Si può, pertanto, ritenere che, mentre l’europeismo è prima di tutto una “necessità geopolitica”, l’euro-atlantismo sia solo un’ideologia funzionale agli interessi di élites “sub-dominanti”, che nel migliore dei casi si accontentano di avere una certa libertà d’azione in campo economico “sotto l’ala egemonica” degli Stati Uniti. Ma prima o poi perfino la Germania (che è una potenza economica ma un “nano geopolitico”) dovrà “fare i conti” con la questione della lotta per l’egemonia tra i principali attori geopolitici o, se si preferisce, con i reali rapporti di forza (economici, politici e militari) che di fatto “regolano” le relazioni internazionali. Lo scontro con la Russia, il terrorismo islamista, il diffondersi dell’euroscetticismo, la presidenza Trump, i nuovi venti di crisi in Medio Oriente e via dicendo non lasciano quindi spazio a concezioni tecnocratiche o economicistiche, più o meno deliranti, ma esigerebbero che si giungesse al più presto ad una rifondazione politica della “comunità europea”.

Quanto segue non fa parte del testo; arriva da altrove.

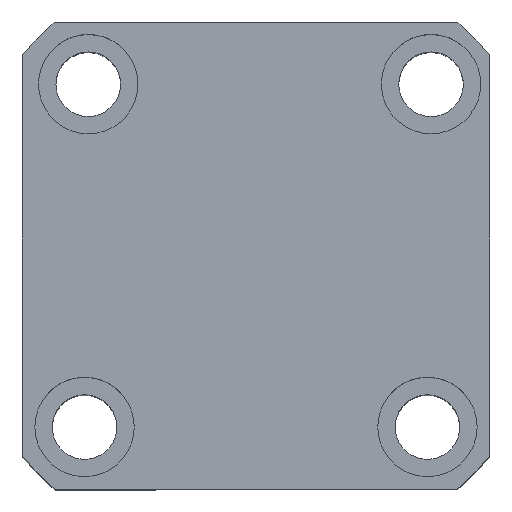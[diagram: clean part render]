
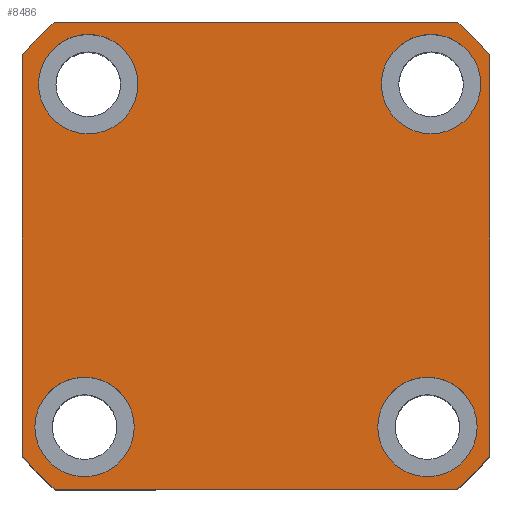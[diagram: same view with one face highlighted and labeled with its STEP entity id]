
A CAD part, top view. The second image highlights one B-rep face of the part: STEP entity #8486.
In plain terms, the highlighted planar face has unit normal (0, 0, 1) as drawn and (0, 0, -1) by its records, which use the part's own axes.
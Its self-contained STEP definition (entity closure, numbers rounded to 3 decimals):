
#115 = CARTESIAN_POINT ( 'NONE',  ( 34.5, 34.5, 0. ) ) ;
#125 = FACE_OUTER_BOUND ( 'NONE', #17845, .T. ) ;
#155 = DIRECTION ( 'NONE',  ( 0., 0., -1. ) ) ;
#233 = AXIS2_PLACEMENT_3D ( 'NONE', #17406, #9391, #967 ) ;
#421 = DIRECTION ( 'NONE',  ( 0., 0., 1. ) ) ;
#616 = CARTESIAN_POINT ( 'NONE',  ( -47., 47., 0. ) ) ;
#854 = DIRECTION ( 'NONE',  ( 0., 1., 0. ) ) ;
#891 = VERTEX_POINT ( 'NONE', #2496 ) ;
#967 = DIRECTION ( 'NONE',  ( -1., 0., 0. ) ) ;
#1093 = AXIS2_PLACEMENT_3D ( 'NONE', #7254, #16665, #8644 ) ;
#1113 = ORIENTED_EDGE ( 'NONE', *, *, #11204, .F. ) ;
#1170 = AXIS2_PLACEMENT_3D ( 'NONE', #10111, #14062, #11444 ) ;
#1198 = VERTEX_POINT ( 'NONE', #7686 ) ;
#1444 = ORIENTED_EDGE ( 'NONE', *, *, #1741, .F. ) ;
#1571 = DIRECTION ( 'NONE',  ( -1., 0., 0. ) ) ;
#1593 = CARTESIAN_POINT ( 'NONE',  ( -23.77, -34.5, 0. ) ) ;
#1646 = LINE ( 'NONE', #616, #2563 ) ;
#1705 = VERTEX_POINT ( 'NONE', #4880 ) ;
#1741 = EDGE_CURVE ( 'NONE', #1198, #12084, #7885, .T. ) ;
#1870 = ORIENTED_EDGE ( 'NONE', *, *, #14292, .F. ) ;
#1921 = CARTESIAN_POINT ( 'NONE',  ( 47., 47., 0. ) ) ;
#2097 = EDGE_CURVE ( 'NONE', #8177, #891, #4553, .T. ) ;
#2319 = AXIS2_PLACEMENT_3D ( 'NONE', #12560, #4327, #13890 ) ;
#2496 = CARTESIAN_POINT ( 'NONE',  ( 40.435, -47., 0. ) ) ;
#2563 = VECTOR ( 'NONE', #11762, 1000. ) ;
#2584 = EDGE_CURVE ( 'NONE', #6772, #8347, #14810, .T. ) ;
#2620 = EDGE_CURVE ( 'NONE', #12084, #10406, #3907, .T. ) ;
#2628 = DIRECTION ( 'NONE',  ( 1., 0., 0. ) ) ;
#2685 = DIRECTION ( 'NONE',  ( 0., 0., 1. ) ) ;
#2802 = VECTOR ( 'NONE', #6929, 1000. ) ;
#3092 = DIRECTION ( 'NONE',  ( 0., 0., -1. ) ) ;
#3098 = CIRCLE ( 'NONE', #5015, 10. ) ;
#3117 = AXIS2_PLACEMENT_3D ( 'NONE', #14988, #6912, #16330 ) ;
#3297 = CARTESIAN_POINT ( 'NONE',  ( -44.5, 34.5, 0. ) ) ;
#3370 = EDGE_LOOP ( 'NONE', ( #9551, #17506 ) ) ;
#3863 = VERTEX_POINT ( 'NONE', #12299 ) ;
#3907 = CIRCLE ( 'NONE', #8067, 62. ) ;
#3926 = CARTESIAN_POINT ( 'NONE',  ( 0., 0., 0. ) ) ;
#4002 = CIRCLE ( 'NONE', #3117, 10. ) ;
#4327 = DIRECTION ( 'NONE',  ( 0., 0., 1. ) ) ;
#4353 = DIRECTION ( 'NONE',  ( 0., 0., -1. ) ) ;
#4512 = VERTEX_POINT ( 'NONE', #11170 ) ;
#4553 = LINE ( 'NONE', #5503, #2802 ) ;
#4652 = CIRCLE ( 'NONE', #10929, 10. ) ;
#4660 = ORIENTED_EDGE ( 'NONE', *, *, #5044, .F. ) ;
#4846 = DIRECTION ( 'NONE',  ( 0., 0., -1. ) ) ;
#4880 = CARTESIAN_POINT ( 'NONE',  ( -24.5, 34.5, 0. ) ) ;
#5015 = AXIS2_PLACEMENT_3D ( 'NONE', #12584, #4353, #13916 ) ;
#5044 = EDGE_CURVE ( 'NONE', #10406, #3863, #1646, .T. ) ;
#5503 = CARTESIAN_POINT ( 'NONE',  ( -47., -47., 0. ) ) ;
#5766 = EDGE_CURVE ( 'NONE', #1705, #13147, #10066, .T. ) ;
#5953 = AXIS2_PLACEMENT_3D ( 'NONE', #115, #9953, #1571 ) ;
#6354 = CIRCLE ( 'NONE', #8308, 62. ) ;
#6772 = VERTEX_POINT ( 'NONE', #16847 ) ;
#6867 = CIRCLE ( 'NONE', #5953, 10. ) ;
#6912 = DIRECTION ( 'NONE',  ( 0., 0., -1. ) ) ;
#6929 = DIRECTION ( 'NONE',  ( 1., 0., 0. ) ) ;
#7121 = AXIS2_PLACEMENT_3D ( 'NONE', #11841, #11785, #11720 ) ;
#7187 = CARTESIAN_POINT ( 'NONE',  ( 24.5, 34.5, 0. ) ) ;
#7254 = CARTESIAN_POINT ( 'NONE',  ( 0., 0., 0. ) ) ;
#7683 = FACE_BOUND ( 'NONE', #3370, .T. ) ;
#7686 = CARTESIAN_POINT ( 'NONE',  ( 47., -40.435, 0. ) ) ;
#7885 = LINE ( 'NONE', #1921, #11907 ) ;
#8067 = AXIS2_PLACEMENT_3D ( 'NONE', #3926, #2685, #2628 ) ;
#8082 = CARTESIAN_POINT ( 'NONE',  ( 47., 40.435, 0. ) ) ;
#8177 = VERTEX_POINT ( 'NONE', #16777 ) ;
#8308 = AXIS2_PLACEMENT_3D ( 'NONE', #8874, #421, #10246 ) ;
#8347 = VERTEX_POINT ( 'NONE', #1593 ) ;
#8486 = ADVANCED_FACE ( 'NONE', ( #14845, #7683, #11275, #11712, #125 ), #16756, .F. ) ;
#8621 = CARTESIAN_POINT ( 'NONE',  ( -34.5, 34.5, 0. ) ) ;
#8644 = DIRECTION ( 'NONE',  ( 1., 0., 0. ) ) ;
#8874 = CARTESIAN_POINT ( 'NONE',  ( 0., 0., 0. ) ) ;
#8976 = CIRCLE ( 'NONE', #11128, 10. ) ;
#9147 = ORIENTED_EDGE ( 'NONE', *, *, #14329, .F. ) ;
#9358 = ORIENTED_EDGE ( 'NONE', *, *, #12879, .F. ) ;
#9391 = DIRECTION ( 'NONE',  ( 0., 0., -1. ) ) ;
#9551 = ORIENTED_EDGE ( 'NONE', *, *, #2584, .F. ) ;
#9708 = VERTEX_POINT ( 'NONE', #7187 ) ;
#9758 = EDGE_CURVE ( 'NONE', #891, #1198, #17759, .T. ) ;
#9769 = ORIENTED_EDGE ( 'NONE', *, *, #5766, .F. ) ;
#9953 = DIRECTION ( 'NONE',  ( 0., 0., -1. ) ) ;
#9990 = DIRECTION ( 'NONE',  ( -1., 0., 0. ) ) ;
#10066 = CIRCLE ( 'NONE', #16660, 10. ) ;
#10111 = CARTESIAN_POINT ( 'NONE',  ( 0., 0., 0. ) ) ;
#10246 = DIRECTION ( 'NONE',  ( 1., 0., 0. ) ) ;
#10406 = VERTEX_POINT ( 'NONE', #13414 ) ;
#10896 = EDGE_CURVE ( 'NONE', #3863, #17408, #6354, .T. ) ;
#10929 = AXIS2_PLACEMENT_3D ( 'NONE', #8621, #155, #9990 ) ;
#11128 = AXIS2_PLACEMENT_3D ( 'NONE', #11387, #3092, #12723 ) ;
#11170 = CARTESIAN_POINT ( 'NONE',  ( 44.5, 34.5, 0. ) ) ;
#11204 = EDGE_CURVE ( 'NONE', #11862, #8177, #13262, .T. ) ;
#11268 = VECTOR ( 'NONE', #12909, 1000. ) ;
#11275 = FACE_BOUND ( 'NONE', #13858, .T. ) ;
#11387 = CARTESIAN_POINT ( 'NONE',  ( 35.23, -34.5, 0. ) ) ;
#11444 = DIRECTION ( 'NONE',  ( 1., 0., 0. ) ) ;
#11572 = CARTESIAN_POINT ( 'NONE',  ( -47., 47., 0. ) ) ;
#11588 = EDGE_LOOP ( 'NONE', ( #1870, #16852 ) ) ;
#11712 = FACE_BOUND ( 'NONE', #14286, .T. ) ;
#11720 = DIRECTION ( 'NONE',  ( -1., 0., 0. ) ) ;
#11762 = DIRECTION ( 'NONE',  ( -1., 0., 0. ) ) ;
#11772 = CIRCLE ( 'NONE', #233, 10. ) ;
#11785 = DIRECTION ( 'NONE',  ( 0., 0., -1. ) ) ;
#11841 = CARTESIAN_POINT ( 'NONE',  ( -33.77, -34.5, 0. ) ) ;
#11862 = VERTEX_POINT ( 'NONE', #13153 ) ;
#11897 = ORIENTED_EDGE ( 'NONE', *, *, #2097, .F. ) ;
#11907 = VECTOR ( 'NONE', #854, 1000. ) ;
#12084 = VERTEX_POINT ( 'NONE', #8082 ) ;
#12160 = VERTEX_POINT ( 'NONE', #16117 ) ;
#12299 = CARTESIAN_POINT ( 'NONE',  ( -40.435, 47., 0. ) ) ;
#12560 = CARTESIAN_POINT ( 'NONE',  ( 0., 0., 0. ) ) ;
#12584 = CARTESIAN_POINT ( 'NONE',  ( 35.23, -34.5, 0. ) ) ;
#12723 = DIRECTION ( 'NONE',  ( -1., 0., 0. ) ) ;
#12782 = CARTESIAN_POINT ( 'NONE',  ( 25.23, -34.5, 0. ) ) ;
#12879 = EDGE_CURVE ( 'NONE', #13147, #1705, #4652, .T. ) ;
#12909 = DIRECTION ( 'NONE',  ( 0., -1., 0. ) ) ;
#13031 = ORIENTED_EDGE ( 'NONE', *, *, #17658, .F. ) ;
#13057 = CARTESIAN_POINT ( 'NONE',  ( -34.5, 34.5, 0. ) ) ;
#13131 = ORIENTED_EDGE ( 'NONE', *, *, #14057, .F. ) ;
#13147 = VERTEX_POINT ( 'NONE', #3297 ) ;
#13153 = CARTESIAN_POINT ( 'NONE',  ( -47., -40.435, 0. ) ) ;
#13262 = CIRCLE ( 'NONE', #2319, 62. ) ;
#13414 = CARTESIAN_POINT ( 'NONE',  ( 40.435, 47., 0. ) ) ;
#13618 = VERTEX_POINT ( 'NONE', #12782 ) ;
#13858 = EDGE_LOOP ( 'NONE', ( #9358, #9769 ) ) ;
#13881 = EDGE_CURVE ( 'NONE', #8347, #6772, #11772, .T. ) ;
#13890 = DIRECTION ( 'NONE',  ( 1., 0., 0. ) ) ;
#13916 = DIRECTION ( 'NONE',  ( -1., 0., 0. ) ) ;
#14005 = CARTESIAN_POINT ( 'NONE',  ( -47., 40.435, 0. ) ) ;
#14057 = EDGE_CURVE ( 'NONE', #4512, #9708, #4002, .T. ) ;
#14062 = DIRECTION ( 'NONE',  ( 0., 0., 1. ) ) ;
#14286 = EDGE_LOOP ( 'NONE', ( #9147, #13131 ) ) ;
#14292 = EDGE_CURVE ( 'NONE', #13618, #12160, #3098, .T. ) ;
#14329 = EDGE_CURVE ( 'NONE', #9708, #4512, #6867, .T. ) ;
#14380 = DIRECTION ( 'NONE',  ( -1., 0., 0. ) ) ;
#14800 = ORIENTED_EDGE ( 'NONE', *, *, #2620, .F. ) ;
#14810 = CIRCLE ( 'NONE', #7121, 10. ) ;
#14835 = LINE ( 'NONE', #11572, #11268 ) ;
#14845 = FACE_BOUND ( 'NONE', #11588, .T. ) ;
#14988 = CARTESIAN_POINT ( 'NONE',  ( 34.5, 34.5, 0. ) ) ;
#16117 = CARTESIAN_POINT ( 'NONE',  ( 45.23, -34.5, 0. ) ) ;
#16330 = DIRECTION ( 'NONE',  ( -1., 0., 0. ) ) ;
#16660 = AXIS2_PLACEMENT_3D ( 'NONE', #13057, #4846, #14380 ) ;
#16665 = DIRECTION ( 'NONE',  ( 0., 0., 1. ) ) ;
#16756 = PLANE ( 'NONE',  #1170 ) ;
#16777 = CARTESIAN_POINT ( 'NONE',  ( -40.435, -47., 0. ) ) ;
#16847 = CARTESIAN_POINT ( 'NONE',  ( -43.77, -34.5, 0. ) ) ;
#16852 = ORIENTED_EDGE ( 'NONE', *, *, #17375, .F. ) ;
#16889 = ORIENTED_EDGE ( 'NONE', *, *, #9758, .F. ) ;
#17375 = EDGE_CURVE ( 'NONE', #12160, #13618, #8976, .T. ) ;
#17406 = CARTESIAN_POINT ( 'NONE',  ( -33.77, -34.5, 0. ) ) ;
#17408 = VERTEX_POINT ( 'NONE', #14005 ) ;
#17428 = ORIENTED_EDGE ( 'NONE', *, *, #10896, .F. ) ;
#17506 = ORIENTED_EDGE ( 'NONE', *, *, #13881, .F. ) ;
#17658 = EDGE_CURVE ( 'NONE', #17408, #11862, #14835, .T. ) ;
#17759 = CIRCLE ( 'NONE', #1093, 62. ) ;
#17845 = EDGE_LOOP ( 'NONE', ( #14800, #1444, #16889, #11897, #1113, #13031, #17428, #4660 ) ) ;

Naturalmente, un tale cambiamento l’Unione Europea né lo vuole né lo può fare. Nulla però vieta ai singoli Paesi europei di cercare di mutare l’architettura (geo)politica e perfino (geo)economica dell’Europa. Perciò non è esagerato affermare che l’Italia, in quanto rappresenta la “chiave geo-strategica” del Mediterraneo, potrebbe dare un contributo decisivo alla nascita di una Confederazione europea, rispettosa delle “differenti identità” che caratterizzano l’Europa e capace di promuovere il dialogo e la cooperazione tra le diverse genti che abitano le terre di tre continenti. Per questo però non basta la geopolitica, ci vogliono un ideale per “mobilitare” le masse e una élite che lo “incarni”. Il primo oggi non può essere che la liberazione del continente europeo dall’ideologia euro-atlantista e dal dominio dei “mercati”, mentre l’élite che lo potrebbe “incarnare” certamente è ancora di là da venire.